Moneybox

Let’s Make “Easy Choices” On Health Care First

You were no doubt as eager as I was to see the official statement of Fix The Debt on the president’s inaugural address, so I was glad to learn via 5PM press release earlier this afternoon that:

As the President said during his inaugural address, we must ‘revamp our tax code’ and ‘make the hard choices to reduce the cost of health care and the size of our deficit.’ We couldn’t agree more.

On the tax code, sure. On health care, I continue to think this is a phrase that obscures much more than it illuminates.

Actually making choices that are actually hard is, obviously, politically unpopular. But in a perverse way, talking about making them has become very politically popular. Yet this is obviously perverse. If it at some point becomes impossible to avoid hard choices, then needless to say they must be made. But the right way to think about reforming health care policy is to start with the easy choices. At least the relatively easy ones. In any kind of budgeting situation, you want to start with the moves that are the least painful.

Increasing the flow of immigrants to the United States, for example, improves the budget situation at negative cost to most native born Americans. So does monetary stimulus.

And you can make this particularly easy by focusing on specific areas. In the field of software engineering, for example, increased immigration leads to a boom in worker productivity. The tough choice is that it also creates some economic losses for incumbent software engineers. But if you increase the volume of skilled immigration across occupational categories—computer programmers, yes, but also health care professionals and lawyers and architects—then the gains swamp the losses and everyone ends up better off. That would be an easy choice. Improving the pharmaceutical R&D process through more reliance on prizes and open research and less reliance on patents and monopolies would also be a pretty easy choice. Demagoguery about “death panels” aside, offering end of life counseling to Medicare recipients so that we don’t spend money on treatments that people don’t even want would be an easy choice. Trying to improve the management of the organ transplant system would, I suppose, unnerve some stakeholders but if we can find ways to do it it’s a pretty easy choice.
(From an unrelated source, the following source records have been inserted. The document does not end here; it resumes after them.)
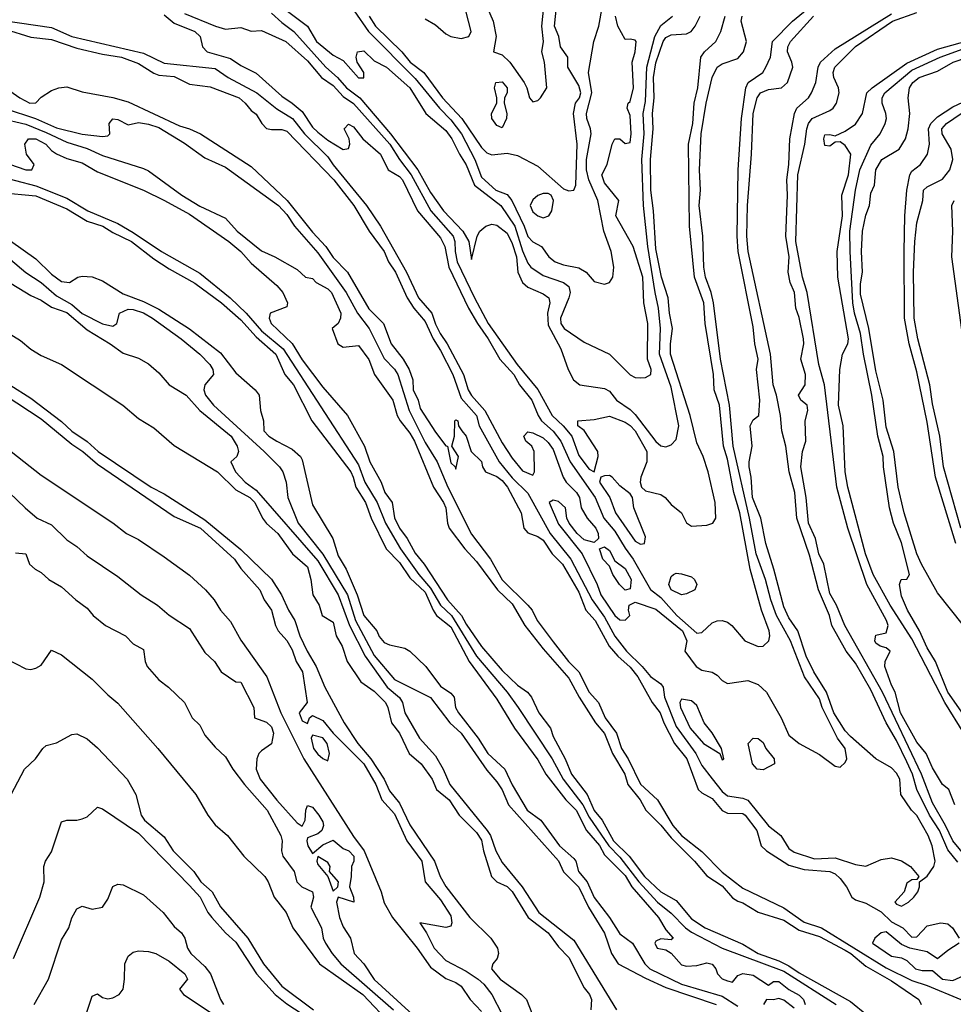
# Model space of a CAD drawing. Header units: metres. Extents: x -46681 to -43747, y -240911 to -237677.
# Tile 552 of 656: x -46325 to -46234, y -238594 to -238498. Entities that reach past the tile are written whole.
import ezdxf

# ---------------------------------------------------------------- set-up
doc = ezdxf.new("R2010")
doc.units = ezdxf.units.M
doc.layers.add('CONTOUR_INDEX', color=1, linetype='Continuous')
doc.layers.add('CONTOUR_INTER', color=3, linetype='Continuous')

msp = doc.modelspace()

# ---------------------------------------------------------------- linework, layer by layer
at = {"layer": 'CONTOUR_INDEX'}
for points, elevation in [([(-46300.095, -238497.736), (-46299.095, -238498.664), (-46297.926, -238499.52), (-46294.799, -238503.02), (-46293.649, -238504.02), (-46292.775, -238505.02), (-46291.473, -238506.02), (-46288.491, -238509.52), (-46285.82, -238513.02), (-46284.595, -238515.234), (-46283.306, -238517.02), (-46281.439, -238519.02), (-46280.852, -238520.02), (-46280.595, -238521.788), (-46280.021, -238519.52), (-46279.759, -238519.02), (-46279.176, -238518.52), (-46278.595, -238518.352), (-46278.095, -238518.44), (-46277.095, -238519.218), (-46276.595, -238520.224), (-46276.197, -238521.52), (-46276.048, -238523.02), (-46275.612, -238524.02), (-46275.095, -238524.481), (-46273.595, -238525.146), (-46273.033, -238525.52), (-46272.934, -238526.02), (-46273.151, -238527.02), (-46273.095, -238528.183), (-46271.854, -238530.52), (-46271.139, -238532.52), (-46270.608, -238533.52), (-46269.993, -238534.02), (-46267.595, -238534.377), (-46267.095, -238534.653), (-46266.426, -238535.52), (-46265.095, -238536.414), (-46264.595, -238536.928), (-46262.595, -238539.537), (-46262.095, -238539.98), (-46261.595, -238540.073), (-46261.095, -238539.865), (-46260.595, -238539.348), (-46260.353, -238538.02), (-46261.095, -238534.233), (-46262.234, -238531.02), (-46262.14, -238528.52), (-46262.312, -238526.52), (-46262.662, -238525.02), (-46263.372, -238520.52), (-46263.797, -238516.52), (-46263.951, -238512.02), (-46263.73, -238509.52), (-46263.813, -238507.52), (-46263.595, -238506.366), (-46263.457, -238503.02), (-46262.673, -238500.02), (-46262.095, -238498.939), (-46260.959, -238498.02)], 80), ([(-46233.095, -238580.603), (-46234.095, -238579.421), (-46234.892, -238577.52), (-46235.872, -238576.02), (-46237.114, -238573.52), (-46237.544, -238572.02), (-46238.095, -238570.807), (-46239.095, -238568.743), (-46240.116, -238567.02), (-46241.595, -238563.797), (-46243.095, -238561.193), (-46244.015, -238560.02), (-46245.418, -238557.52), (-46245.639, -238556.52), (-46246.718, -238554.02), (-46247.595, -238550.655), (-46248.822, -238547.02), (-46249.012, -238544.52), (-46249.58, -238542.52), (-46249.907, -238540.02), (-46250.28, -238538.52), (-46250.412, -238537.02), (-46250.795, -238535.02), (-46251.138, -238534.02), (-46251.395, -238531.02), (-46253.57, -238521.02), (-46253.689, -238519.52), (-46253.651, -238516.52), (-46253.248, -238511.52), (-46253.08, -238507.52), (-46252.696, -238506.02), (-46252.355, -238505.52), (-46251.595, -238505.207), (-46250.309, -238505.02), (-46249.728, -238504.52), (-46249.22, -238503.02), (-46249.297, -238502.52), (-46249.721, -238501.52), (-46249.714, -238501.02), (-46249.448, -238500.52), (-46247.188, -238498.02)], 85), ([(-46232.54, -238557.52), (-46235.095, -238554.32), (-46236.637, -238551.52), (-46237.099, -238550.52), (-46238.342, -238546.52), (-46238.915, -238544.02), (-46239.344, -238540.52), (-46240.095, -238538.158), (-46240.398, -238535.52), (-46241.095, -238532.665), (-46241.781, -238528.52), (-46242.595, -238525.156), (-46242.595, -238524.165), (-46242.418, -238523.02), (-46242.518, -238521.02), (-46242.423, -238519.02), (-46242.095, -238517.455), (-46241.74, -238516.52), (-46241.595, -238515.326), (-46241.243, -238514.52), (-46241.121, -238513.02), (-46240.517, -238512.02), (-46238.846, -238511.02), (-46238.219, -238510.02), (-46237.941, -238509.02), (-46237.781, -238507.52), (-46237.953, -238506.02), (-46237.811, -238505.02), (-46237.5, -238504.52), (-46236.879, -238504.02), (-46235.095, -238503.391), (-46233.578, -238502.52), (-46232.133, -238502.02)], 90), ([(-46328.095, -238503.637), (-46324.68, -238506.02), (-46323.678, -238506.52), (-46323.095, -238506.482), (-46322.595, -238505.935), (-46321.595, -238505.275), (-46320.878, -238505.02), (-46320.095, -238504.926), (-46318.595, -238505.432), (-46315.595, -238505.958), (-46314.095, -238506.395), (-46309.095, -238508.754), (-46308.095, -238509.031), (-46307.028, -238509.52), (-46302.095, -238512.713), (-46298.569, -238516.02), (-46296.095, -238519.117), (-46294.792, -238520.52), (-46294.095, -238521.598), (-46292.696, -238523.02), (-46290.595, -238526.602), (-46289.184, -238528.02), (-46288.416, -238530.02), (-46287.254, -238531.52), (-46286.663, -238532.52), (-46286.323, -238533.52), (-46286.29, -238534.52), (-46285.8, -238535.52), (-46285.595, -238536.333), (-46284.095, -238538.653), (-46283.095, -238539.981), (-46282.939, -238540.02), (-46282.595, -238541.645), (-46282.166, -238542.02), (-46282.095, -238542.24), (-46281.858, -238541.02), (-46282.513, -238540.02), (-46282.252, -238539.02), (-46282.206, -238537.52), (-46282.095, -238537.424), (-46281.923, -238537.52), (-46281.85, -238538.02), (-46281.54, -238538.52), (-46281.094, -238539.02), (-46280.614, -238540.52), (-46279.595, -238541.498), (-46279.52, -238542.02), (-46279.2, -238542.52), (-46278.095, -238542.966), (-46277.595, -238543.356), (-46277.061, -238544.02), (-46275.741, -238546.52), (-46275.483, -238548.02), (-46275.095, -238548.451), (-46274.095, -238548.824), (-46273.595, -238549.197), (-46272.694, -238550.52), (-46271.695, -238551.52), (-46270.095, -238554.271), (-46269.429, -238556.02), (-46268.5, -238557.02), (-46267.151, -238559.52), (-46266.298, -238560.52), (-46265.095, -238561.584), (-46264.334, -238562.52), (-46262.931, -238565.02), (-46262.159, -238566.02), (-46261.81, -238567.02), (-46260.766, -238569.02), (-46259.548, -238570.52), (-46258.443, -238573.52), (-46258.095, -238573.853), (-46257.095, -238574.405), (-46256.095, -238575.566), (-46255.595, -238575.838), (-46254.095, -238575.852), (-46253.866, -238576.02), (-46252.716, -238577.52), (-46252.311, -238579.02), (-46251.781, -238579.52), (-46249.595, -238580.911), (-46248.095, -238581.318), (-46245.595, -238581.532), (-46245.095, -238581.762), (-46244.595, -238582.192), (-46243.972, -238583.02), (-46243.444, -238584.02), (-46243.095, -238584.284), (-46242.095, -238584.601), (-46240.595, -238585.463), (-46239.595, -238586.448), (-46238.472, -238587.02), (-46237.595, -238587.925), (-46237.095, -238587.892), (-46236.095, -238586.827), (-46234.768, -238586.52), (-46234.095, -238586.647), (-46233.634, -238587.02), (-46232.981, -238588.02)], 85), ([(-46326.595, -238515.251), (-46323.095, -238515.568), (-46320.095, -238516.844), (-46318.095, -238518.056), (-46316.577, -238518.52), (-46315.595, -238519.145), (-46313.755, -238520.02), (-46311.595, -238521.712), (-46310.095, -238522.705), (-46307.595, -238524.086), (-46304.972, -238526.02), (-46303.095, -238527.688), (-46301.595, -238529.334), (-46299.669, -238531.02), (-46298.793, -238533.02), (-46297.97, -238534.02), (-46296.172, -238537.52), (-46292.372, -238542.52), (-46292.12, -238543.02), (-46291.883, -238544.02), (-46290.941, -238545.52), (-46290.371, -238547.02), (-46288.899, -238550.02), (-46287.595, -238551.366), (-46286.595, -238552.852), (-46285.095, -238554.254), (-46284.32, -238556.02), (-46283.983, -238556.52), (-46282.595, -238557.644), (-46280.818, -238561.02), (-46278.095, -238564.702), (-46276.386, -238567.52), (-46274.095, -238570.619), (-46273.314, -238572.02), (-46271.359, -238574.52), (-46270.368, -238575.52), (-46269.356, -238577.52), (-46268.095, -238578.979), (-46267.595, -238579.905), (-46265.595, -238581.904), (-46264.922, -238583.02), (-46262.318, -238586.02), (-46261.595, -238587.211), (-46260.893, -238588.02), (-46261.095, -238588.18), (-46262.095, -238588.099), (-46262.595, -238588.313), (-46262.67, -238588.52), (-46262.459, -238589.02), (-46261.595, -238589.171), (-46261.095, -238589.489), (-46260.095, -238590.645), (-46259.595, -238590.747), (-46258.595, -238590.691), (-46257.595, -238590.422), (-46257.095, -238590.581), (-46256.733, -238591.02), (-46256.581, -238591.52), (-46256.095, -238591.993), (-46255.595, -238592.179), (-46255.095, -238592.315), (-46254.595, -238591.689), (-46254.095, -238591.466), (-46253.095, -238591.635), (-46251.595, -238592.613), (-46251.095, -238592.258), (-46250.595, -238592.268), (-46249.595, -238593.034), (-46248.595, -238593.582), (-46248.162, -238594.02), (-46248.011, -238594.52)], 90), ([(-46325.66, -238534.02), (-46323.595, -238535.306), (-46320.595, -238537.601), (-46319.595, -238538.536), (-46318.095, -238539.548), (-46317.026, -238540.52), (-46311.84, -238544.02), (-46310.595, -238544.669), (-46306.595, -238547.199), (-46303.095, -238550.078), (-46300.095, -238552.998), (-46299.121, -238554.52), (-46298.444, -238556.02), (-46297.833, -238557.02), (-46297.322, -238558.52), (-46296.606, -238560.02), (-46295.758, -238561.52), (-46294.907, -238563.52), (-46293.019, -238567.02), (-46291.664, -238569.02), (-46290.42, -238570.52), (-46289.104, -238572.52), (-46288.595, -238573.639), (-46287.595, -238574.859), (-46286.595, -238576.961), (-46284.201, -238580.52), (-46283.638, -238582.02), (-46283.095, -238582.992), (-46280.732, -238586.02), (-46278.704, -238588.02), (-46278.055, -238589.02), (-46277.931, -238589.52), (-46278.07, -238590.02), (-46278.484, -238590.52), (-46278.636, -238591.02), (-46277.788, -238592.02), (-46275.701, -238593.52), (-46275.227, -238594.02), (-46274.614, -238595.52)], 95), ([(-46326.095, -238560.685), (-46324.095, -238561.729), (-46323.595, -238561.796), (-46323.095, -238561.666), (-46322.595, -238561.383), (-46321.595, -238559.919), (-46320.595, -238560.384), (-46317.595, -238562.762), (-46316.095, -238564.271), (-46315.095, -238565.079), (-46311.205, -238569.52), (-46307.505, -238574.02), (-46306.313, -238576.02), (-46305.595, -238576.964), (-46304.394, -238578.02), (-46302.812, -238580.02), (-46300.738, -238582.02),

Looking for easy choices can sound like wishful thinking or even be wishful thinking—so far electronic medical records haven’t lived up to the hype—but it’s still worth reaching for. “Hard choices” rhetoric is often in practice a cover for lazy choices. “Raise the eligibility age to 67” is an easy sentence to write and explain, and it has the dubious benefit of raising health care providers’ incomes without requiring them to improve their services in any way, but it would be better to find some easier choices.